Scientific classification
- Kingdom: Plantae
- Clade: Tracheophytes
- Clade: Angiosperms
- Clade: Eudicots
- Clade: Asterids
- Order: Asterales
- Family: Asteraceae
- Genus: Antennaria
- Species: A. howellii
- Binomial name: Antennaria howellii Greene
- Synonyms: Synonymy Antennaria callilepis Greene ; Antennaria eximia Greene ; Antennaria canadensis Greene, syn of subsp. canadensis ; Antennaria isabellina (Greene) Greene ex House, syn of subsp. canadensis ; Antennaria randii Fernald, syn of subsp. canadensis ; Antennaria spathulata (Fernald) Fernald, syn of subsp. canadensis ; Antennaria neodioica Greene, syn of subsp. neodioica ; Antennaria obovata E.E.Nelson, syn of subsp. neodioica ; Antennaria rhodantha Fernald, syn of subsp. neodioica ; Antennaria rupicola Fernald, syn of subsp. neodioica ; Antennaria russellii Boivin, syn of subsp. neodioica ; Antennaria grandis (Fernald) House, syn of subsp. neodioica ; Antennaria appendiculata Fernald, syn of subsp. petaloidea ; Antennaria concolor Piper, syn of subsp. petaloidea ; Antennaria pedicellata Greene, syn of subsp. petaloidea ; Antennaria petaloidea (Fernald) Fernald, syn of subsp. petaloidea ; Antennaria stenolepis Greene, syn of subsp. petaloidea ;

= Antennaria howellii =

- Genus: Antennaria
- Species: howellii
- Authority: Greene

Species of flowering plant

Antennaria howellii, the everlasting or Howell's pussytoes, is a North American species of plant in the family Asteraceae. It is native to northern Alaska, much of Canada including the Arctic territories, and the northern United States as far south as northern California, Colorado and North Carolina.

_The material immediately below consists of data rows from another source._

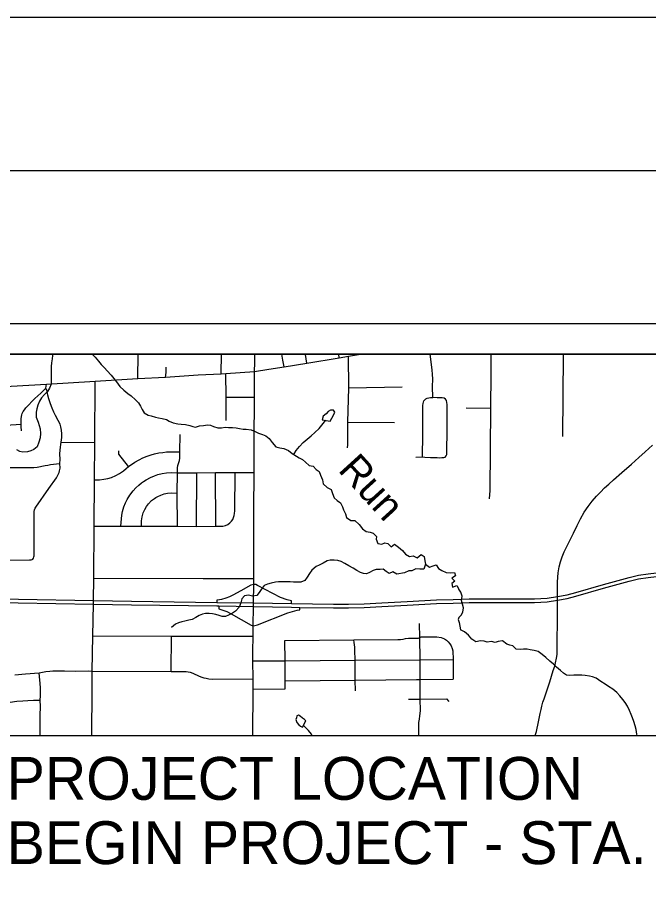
# Model space of a CAD drawing. Extents: x 0 to 34, y -5 to 22.
# Drawn here: x 5.836 to 7.898, y 19.168 to 22 of the extents above; entities that cross this region are included whole.
import ezdxf

# ---------------------------------------------------------------- set-up
doc = ezdxf.new("R2010")
doc.units = 0
for name, color, linetype in [('GM_X_City_Street', 7, 'Continuous'), ('GM_X_County_Road', 7, 'Continuous'), ('GM_X_Interchange_Ramps', 7, 'Continuous'), ('GM_X_Interstate_Route', 7, 'Continuous'), ('GM_X_Minor_Lake', 7, 'Continuous'), ('GM_X_Minor_River', 7, 'Continuous'), ('GM_X_Minor_River_Text', 7, 'Continuous'), ('GM_X_State_Route', 7, 'Continuous'), ('GM_X_US_Route', 7, 'Continuous'), ('SC_Scratch2', 7, 'Continuous'), ('SH_Border', 7, 'Continuous'), ('SH_Cut_Line', 7, 'Continuous'), ('SH_Data', 7, 'Continuous'), ('SH_Text', 7, 'Continuous')]:
    doc.layers.add(name, color=color, linetype=linetype)

msp = doc.modelspace()

# ---------------------------------------------------------------- linework, layer by layer
at = {"layer": 'GM_X_City_Street'}
for p, q in [((6.2296, 20.8205), (6.2299, 20.9)), ((6.5009, 20.8363), (6.5026, 20.9)), ((6.8873, 20.8885), (6.8858, 20.9)), ((6.918, 20.7901), (7.093, 20.7932)), ((6.5182, 20.7598), (6.6101, 20.7598)), ((7.3021, 20.7251), (7.3821, 20.7236)), ((6.9156, 20.6784), (7.0674, 20.6772)), ((5.9792, 20.6132), (6.0887, 20.6113)), ((6.4209, 20.3378), (6.4219, 20.5131)), ((6.4839, 20.3383), (6.4832, 20.5135)), ((6.338, 19.8642), (6.339, 19.9798))]:
    msp.add_line(p, q, dxfattribs=at)
for points in [[(6.7072, 20.8588), (6.7034, 20.8804), (6.6999, 20.9)], [(6.7813, 20.8707), (6.7773, 20.8986), (6.7771, 20.9)], [(6.914, 20.5948), (6.9154, 20.6038), (6.9156, 20.6784), (6.918, 20.7901), (6.9175, 20.8934)], [(7.1925, 20.7586), (7.1922, 20.7949), (7.1927, 20.8188), (7.192, 20.8354), (7.191, 20.8479), (7.1863, 20.8834), (7.1842, 20.9)], [(7.3781, 20.4278), (7.3798, 20.4553), (7.3821, 20.7236), (7.3833, 20.8363), (7.384, 20.9)], [(7.6171, 20.631), (7.6199, 20.8962), (7.6199, 20.9)], [(6.3192, 20.8256), (6.3203, 20.8316), (6.3214, 20.8411), (6.3219, 20.8489), (6.3222, 20.8579)], [(6.5178, 20.6838), (6.5182, 20.7598), (6.5169, 20.8369)], [(5.8495, 20.6502), (5.8483, 20.6642), (5.8478, 20.6717), (5.8481, 20.6812), (5.8481, 20.689), (5.849, 20.6968), (5.8499, 20.702), (5.8511, 20.7063), (5.8549, 20.7127), (5.8585, 20.7181), (5.8638, 20.7251), (5.8926, 20.7549), (5.912, 20.7733), (5.9287, 20.7894)], [(5.8862, 20.2308), (5.8885, 20.2343), (5.8895, 20.2381), (5.8902, 20.2419), (5.89, 20.3733), (5.89, 20.3819), (5.8904, 20.3868), (5.8914, 20.3916), (5.8942, 20.397), (5.8964, 20.4006), (5.9383, 20.4612), (5.9631, 20.4962), (5.9691, 20.5069), (5.9721, 20.5133), (5.9738, 20.5197), (5.975, 20.5277), (5.9747, 20.5434), (5.9752, 20.5566), (5.9747, 20.5744), (5.9755, 20.5872), (5.9764, 20.5964), (5.9776, 20.6047), (5.9792, 20.6132), (5.9814, 20.6279), (5.9814, 20.6402), (5.9802, 20.6518), (5.9778, 20.663), (5.975, 20.6713), (5.9691, 20.6833), (5.9598, 20.6994), (5.9549, 20.711), (5.9494, 20.7234), (5.9435, 20.7385), (5.9385, 20.7544), (5.9347, 20.7667), (5.9328, 20.779), (5.9287, 20.7894), (5.9309, 20.8026)], [(6.0784, 19.6552), (6.0804, 19.804), (6.0799, 19.8656), (6.0827, 19.9809), (6.084, 20.0843), (6.0838, 20.0963), (6.0851, 20.169), (6.0863, 20.339), (6.0879, 20.4896), (6.0887, 20.6113), (6.09, 20.8115)], [(7.1588, 20.5647), (7.1598, 20.6381), (7.1603, 20.7001), (7.1603, 20.7264), (7.16, 20.7328), (7.161, 20.7387), (7.1624, 20.7437), (7.164, 20.7482), (7.1667, 20.7516), (7.1702, 20.7546), (7.1745, 20.7567), (7.1801, 20.7579), (7.1858, 20.7586), (7.1925, 20.7586)], [(7.233, 20.5642), (7.2365, 20.5678), (7.2384, 20.5725), (7.2386, 20.5794), (7.2389, 20.5993), (7.2393, 20.6338), (7.2398, 20.7357), (7.2389, 20.7425), (7.2372, 20.7487), (7.2339, 20.753), (7.2294, 20.756), (7.2237, 20.7575), (7.2152, 20.7575), (7.2074, 20.7579), (7.1925, 20.7586)], [(5.7315, 20.6703), (5.7334, 20.6677), (5.7363, 20.6658), (5.7403, 20.6649), (5.7465, 20.6651), (5.8478, 20.6717)], [(6.3586, 20.3383), (6.3579, 20.4465), (6.3586, 20.5131), (6.3584, 20.5225), (6.3593, 20.5292), (6.3603, 20.537), (6.3619, 20.5427), (6.365, 20.5526), (6.3664, 20.5604), (6.3667, 20.5675), (6.3669, 20.5813), (6.3679, 20.6376)], [(7.5274, 19.6552), (7.5311, 19.6683), (7.5382, 19.6994), (7.5434, 19.7268), (7.5465, 19.7399), (7.5489, 19.7508), (7.5524, 19.764), (7.5562, 19.7747), (7.5752, 19.8303), (7.5865, 19.8673), (7.591, 19.881), (7.5941, 19.8928), (7.5974, 19.9073), (7.5991, 19.9196), (7.5995, 19.9336), (7.5993, 19.9568), (7.6005, 20.0347), (7.6001, 20.0968), (7.6001, 20.1092), (7.6001, 20.1568), (7.6024, 20.1865), (7.6055, 20.2061), (7.6095, 20.2223), (7.6154, 20.2388), (7.6225, 20.2545), (7.6303, 20.272), (7.6396, 20.2895), (7.6521, 20.3158), (7.6644, 20.3407), (7.6758, 20.3629), (7.6876, 20.384), (7.7, 20.4025), (7.7137, 20.4207), (7.7274, 20.4366), (7.7405, 20.4501), (7.7542, 20.4633), (7.7682, 20.4756), (7.7836, 20.4899), (7.8108, 20.5135), (7.8418, 20.5412), (7.8662, 20.563), (7.8868, 20.5815), (7.9105, 20.6028)], [(6.0879, 20.4896), (6.1036, 20.4901), (6.118, 20.4915), (6.1313, 20.4939), (6.1429, 20.4974), (6.1571, 20.5036), (6.1696, 20.5109), (6.1824, 20.5195), (6.1912, 20.5273), (6.1985, 20.5334), (6.2197, 20.548), (6.2334, 20.5555), (6.2458, 20.5619), (6.2594, 20.5666), (6.2724, 20.5711), (6.284, 20.5744), (6.2982, 20.5775), (6.3113, 20.5796), (6.3226, 20.5808), (6.3316, 20.5815), (6.3423, 20.5817), (6.3669, 20.5813)], [(6.1985, 20.5334), (6.1666, 20.5739), (6.1675, 20.5846)], [(7.1373, 20.5637), (7.1588, 20.5647), (7.1671, 20.5637), (7.1851, 20.563), (7.2074, 20.5626), (7.215, 20.5621), (7.2218, 20.5623), (7.2287, 20.5628), (7.233, 20.5642)], [(5.6465, 20.4906), (5.6858, 20.4896), (5.6936, 20.4903), (5.7005, 20.4917), (5.706, 20.4934), (5.7244, 20.5031), (5.7607, 20.5235), (5.7663, 20.5266), (5.7711, 20.5282), (5.7751, 20.5287), (5.7787, 20.5292), (5.7931, 20.5296), (5.8765, 20.5299), (5.8895, 20.5301), (5.9001, 20.5314), (5.9267, 20.5365), (5.9347, 20.5372), (5.9437, 20.5398), (5.9539, 20.541), (5.9634, 20.542), (5.9747, 20.5434)], [(6.0863, 20.339), (6.1741, 20.3385), (6.2416, 20.3383), (6.3586, 20.3383), (6.4209, 20.3378), (6.4839, 20.3383), (6.4972, 20.3381), (6.5073, 20.339), (6.5154, 20.3409), (6.523, 20.3444), (6.5298, 20.3492), (6.5353, 20.3549), (6.5391, 20.3603), (6.5419, 20.3672), (6.5443, 20.3738), (6.5455, 20.3802), (6.5459, 20.3887), (6.5467, 20.5133)], [(6.1741, 20.3385), (6.1753, 20.3627), (6.1768, 20.3741), (6.1796, 20.3868), (6.1836, 20.4013), (6.1891, 20.4145), (6.1943, 20.4252), (6.2033, 20.4401), (6.2139, 20.4539), (6.2222, 20.4636), (6.2322, 20.4728), (6.2409, 20.4799), (6.2478, 20.4849), (6.2563, 20.4903), (6.2705, 20.4979), (6.2833, 20.5034), (6.294, 20.5069), (6.3087, 20.5107), (6.3233, 20.5126), (6.3378, 20.5138), (6.3586, 20.5131), (6.4219, 20.5131), (6.4832, 20.5135), (6.5467, 20.5133), (6.6089, 20.514)], [(6.2416, 20.3383), (6.2414, 20.3565), (6.2435, 20.3688), (6.2468, 20.3816), (6.2523, 20.3935), (6.2575, 20.4029), (6.2644, 20.4117), (6.2743, 20.4219), (6.2836, 20.4292), (6.2883, 20.4321), (6.2942, 20.4354), (6.3042, 20.4399), (6.3153, 20.4437), (6.3262, 20.4458), (6.338, 20.447), (6.3579, 20.4465)], [(5.6498, 20.2289), (5.6517, 20.2279), (5.6553, 20.2277), (5.6588, 20.2275), (5.8755, 20.2286), (5.8803, 20.2289), (5.8836, 20.2296), (5.8862, 20.2308)], [(6.0851, 20.169), (6.4425, 20.1673), (6.6081, 20.1676)], [(7.151, 19.8377), (7.1515, 19.9026), (7.1501, 19.9745), (7.1496, 20.0205)], [(6.0827, 19.9809), (6.339, 19.9798), (6.45, 19.9798), (6.6057, 19.9794)], [(6.7094, 19.9651), (6.9346, 19.9672), (7.0783, 19.9684), (7.0868, 19.9686), (7.0956, 19.97), (7.1037, 19.9715), (7.1136, 19.9724), (7.1321, 19.9726), (7.146, 19.9726), (7.1501, 19.9745), (7.1553, 19.9767), (7.2057, 19.9771), (7.2197, 19.9745), (7.2251, 19.9729), (7.2306, 19.9705), (7.2372, 19.966), (7.2427, 19.961), (7.2483, 19.9546), (7.2531, 19.9473), (7.2564, 19.9395), (7.2585, 19.9317), (7.259, 19.9037), (7.2597, 19.8393)], [(6.94, 19.8012), (6.9391, 19.8358), (6.9395, 19.9007), (6.9381, 19.9336), (6.9379, 19.943), (6.9367, 19.9509), (6.9355, 19.9591), (6.9346, 19.9672)], [(6.7105, 19.8334), (6.7103, 19.8985), (6.7094, 19.9651)], [(6.6052, 19.8985), (6.7103, 19.8985), (6.9395, 19.9007), (7.1515, 19.9026), (7.259, 19.9037)], [(5.8277, 19.8528), (5.8625, 19.8561), (5.9073, 19.8597), (5.929, 19.8635), (5.9416, 19.8654), (5.9515, 19.8658), (5.9681, 19.8658), (5.9899, 19.8661), (6.0264, 19.8649), (6.0692, 19.8658), (6.0799, 19.8656), (6.338, 19.8642), (6.3816, 19.8635), (6.3875, 19.8635), (6.3937, 19.8628), (6.4003, 19.8616), (6.4093, 19.859), (6.4299, 19.8493), (6.4382, 19.846), (6.4453, 19.8436), (6.4529, 19.8419), (6.4612, 19.8403), (6.4735, 19.8386), (6.6059, 19.8398)], [(5.9097, 19.6552), (5.9097, 19.6724), (5.9106, 19.7202), (5.911, 19.7498), (5.9099, 19.7702), (5.9113, 19.7846), (5.911, 19.7984), (5.9108, 19.8111), (5.9103, 19.8249), (5.9077, 19.8476), (5.9073, 19.8597)], [(6.6059, 19.8059), (6.7103, 19.8071), (6.7105, 19.8334), (6.9391, 19.8358), (7.1401, 19.8379), (7.151, 19.8377), (7.2597, 19.8393)], [(7.1469, 19.6552), (7.1468, 19.6717), (7.147, 19.6899), (7.1475, 19.6977), (7.1489, 19.7079), (7.1503, 19.7188), (7.1517, 19.7264), (7.1527, 19.7368), (7.152, 19.7735), (7.151, 19.8377)], [(5.5859, 19.755), (5.6515, 19.755), (5.7356, 19.7571), (5.7801, 19.7612), (5.7986, 19.7631), (5.8125, 19.7642), (5.8341, 19.7671), (5.8537, 19.7683), (5.8696, 19.7695), (5.8888, 19.7699), (5.9099, 19.7702)], [(7.1131, 19.7735), (7.152, 19.7735), (7.2379, 19.7744), (7.2455, 19.7659)]]:
    msp.add_lwpolyline(points, dxfattribs=at)
at = {"layer": 'GM_X_County_Road'}
for p, q in [((6.6108, 20.8437), (6.6109, 20.8733)), ((6.6109, 20.8733), (6.611, 20.9)), ((6.6081, 20.1775), (6.6083, 20.2765))]:
    msp.add_line(p, q, dxfattribs=at)
for points in [[(6.6089, 20.514), (6.6094, 20.6132), (6.6101, 20.7598), (6.6108, 20.8437)], [(6.6083, 20.2765), (6.6085, 20.3904), (6.6089, 20.514)], [(6.6063, 20.0043), (6.6065, 20.0126), (6.607, 20.0764), (6.6071, 20.0879), (6.6076, 20.1484), (6.6081, 20.1676), (6.6081, 20.1775)], [(6.6054, 19.9289), (6.6057, 19.9794), (6.6063, 20.0043)], [(6.6051, 19.6552), (6.6059, 19.8059), (6.6059, 19.8398), (6.6052, 19.8985), (6.6054, 19.9289)]]:
    msp.add_lwpolyline(points, dxfattribs=at)
at = {"layer": 'GM_X_Interchange_Ramps'}
for points in [[(6.6076, 20.1484), (6.5984, 20.1458), (6.5658, 20.1274), (6.5397, 20.1133), (6.5291, 20.1079), (6.517, 20.1036), (6.5024, 20.0993), (6.4898, 20.097), (6.4873, 20.0966), (6.4872, 20.0898)], [(6.7311, 20.086), (6.7314, 20.0947), (6.7169, 20.0981), (6.6948, 20.1059), (6.6205, 20.1443), (6.6142, 20.1476), (6.6076, 20.1484)], [(6.4934, 20.078), (6.4933, 20.0684), (6.5066, 20.0642), (6.5194, 20.0595), (6.5338, 20.0524), (6.599, 20.0149), (6.6065, 20.0126)], [(6.6065, 20.0126), (6.6119, 20.0143), (6.6196, 20.0159), (6.7189, 20.0553), (6.7346, 20.06), (6.75, 20.0638), (6.7584, 20.065), (6.7586, 20.0735)]]:
    msp.add_lwpolyline(points, dxfattribs=at)
at = {"layer": 'GM_X_Interstate_Route'}
for points in [[(5.5366, 20.105), (5.8389, 20.1002), (6.0838, 20.0963), (6.2087, 20.0942), (6.4872, 20.0898), (6.6071, 20.0879), (6.7311, 20.086), (6.8679, 20.0836), (6.9177, 20.0841), (6.9687, 20.0852), (7.0264, 20.0881), (7.1093, 20.0925), (7.2048, 20.0978), (7.2598, 20.0996), (7.3114, 20.1018), (7.3512, 20.1015), (7.4172, 20.1012), (7.4791, 20.101), (7.5249, 20.1012), (7.5659, 20.1039), (7.6001, 20.1092), (7.6315, 20.1146), (7.6604, 20.1223), (7.7504, 20.1483), (7.7981, 20.1612), (7.8341, 20.1707), (7.8651, 20.1784), (7.8965, 20.1825), (7.9236, 20.186)], [(6.7586, 20.0735), (6.8679, 20.0716), (6.9176, 20.0721), (6.9687, 20.0731), (7.0263, 20.076), (7.1092, 20.0805), (7.2048, 20.0858), (7.2598, 20.0876), (7.3113, 20.0898), (7.3511, 20.0895), (7.4172, 20.0892), (7.479, 20.0889), (7.5248, 20.0892), (7.5659, 20.0918), (7.6001, 20.0968), (7.6314, 20.1026), (7.6604, 20.1102), (7.7504, 20.1363), (7.798, 20.1492), (7.8341, 20.1587), (7.865, 20.1663), (7.8964, 20.1705), (7.9235, 20.1739), (7.954, 20.1757)], [(5.3921, 20.0954), (5.5364, 20.093), (5.8387, 20.0883), (6.084, 20.0843), (6.2084, 20.0822), (6.4872, 20.0779), (6.4934, 20.078)], [(6.4934, 20.078), (6.607, 20.0764), (6.7308, 20.0742), (6.7586, 20.0735)]]:
    msp.add_lwpolyline(points, dxfattribs=at)
at = {"layer": 'GM_X_Minor_Lake'}
for points in [[(6.8573, 20.6819), (6.8686, 20.701), (6.8724, 20.7109), (6.8685, 20.717), (6.8587, 20.7173), (6.8507, 20.713), (6.8443, 20.705), (6.8349, 20.6981), (6.8319, 20.686)], [(6.8319, 20.686), (6.8573, 20.6819)], [(6.7784, 19.7029), (6.7739, 19.7078), (6.7674, 19.7112), (6.7598, 19.7184), (6.7545, 19.7214), (6.7488, 19.7187), (6.7473, 19.713), (6.7458, 19.7069), (6.7485, 19.697), (6.755, 19.6895), (6.7611, 19.6857), (6.7675, 19.6827)], [(6.7675, 19.6827), (6.7784, 19.7029)]]:
    msp.add_lwpolyline(points, dxfattribs=at)
at = {"layer": 'GM_X_Minor_River'}
for points in [[(5.9504, 20.9), (5.9499, 20.896), (5.9488, 20.885), (5.9474, 20.8717), (5.9463, 20.8603), (5.946, 20.8473), (5.9456, 20.8378), (5.9461, 20.8268), (5.9465, 20.815), (5.9458, 20.8025), (5.941, 20.7891), (5.9338, 20.7788), (5.924, 20.7681), (5.9142, 20.7578), (5.9082, 20.7471), (5.9026, 20.7338), (5.8992, 20.7212), (5.8974, 20.7113), (5.8975, 20.6942), (5.9036, 20.6779), (5.9071, 20.6677), (5.9098, 20.6559), (5.9117, 20.6407), (5.9099, 20.6266), (5.9054, 20.6125), (5.8998, 20.5981), (5.8896, 20.5889), (5.8794, 20.5846), (5.8692, 20.5815), (5.8533, 20.5799), (5.8434, 20.5822), (5.8339, 20.5882)], [(6.0804, 20.9), (6.0894, 20.8907), (6.1009, 20.8775), (6.1096, 20.8669)], [(6.1096, 20.8669), (6.1199, 20.8552), (6.1295, 20.8453), (6.142, 20.8321), (6.1512, 20.8211), (6.1592, 20.8094), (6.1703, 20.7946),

Antennaria howellii is an evergreen perennial plant. The form is usually basal rosettes, largely clonally propagated. The basal rosette leaves are 2–4 cm long and 6–12 mm broad, light green and spatulate, with a thin arm and a broad tip with a point. They have woolly white undersides. The flowerheads appear in May, on a stem 15–35 cm tall with smaller, slender leaves 1–4 cm long. It is commonly seen growing under pine stands.

- Subspecies
- Antennaria howellii subsp. howellii – western + north-central US, western + central Canada including Yukon
- Antennaria howellii subsp. canadensis – northeastern US, eastern + central Canada including Labrador
- Antennaria howellii subsp. neodioica – Canada, northern US
- Antennaria howellii subsp. petaloidea – Canada, northern US

The plant is named for American botanist Thomas J. Howell, who collected the first known specimens of the plant in 1887.

==Conservation status in the United States==
The petaloidea subspecies is listed as a special concern and believed extirpated in Connecticut.

==Native American ethnobotany==
The Nuxalk Nation take a decoction of leaves for body pain, but not pain in the limbs. The Ojibwe take an infusion of the neodioica subspecies after childbirth to purge afterbirth and to heal.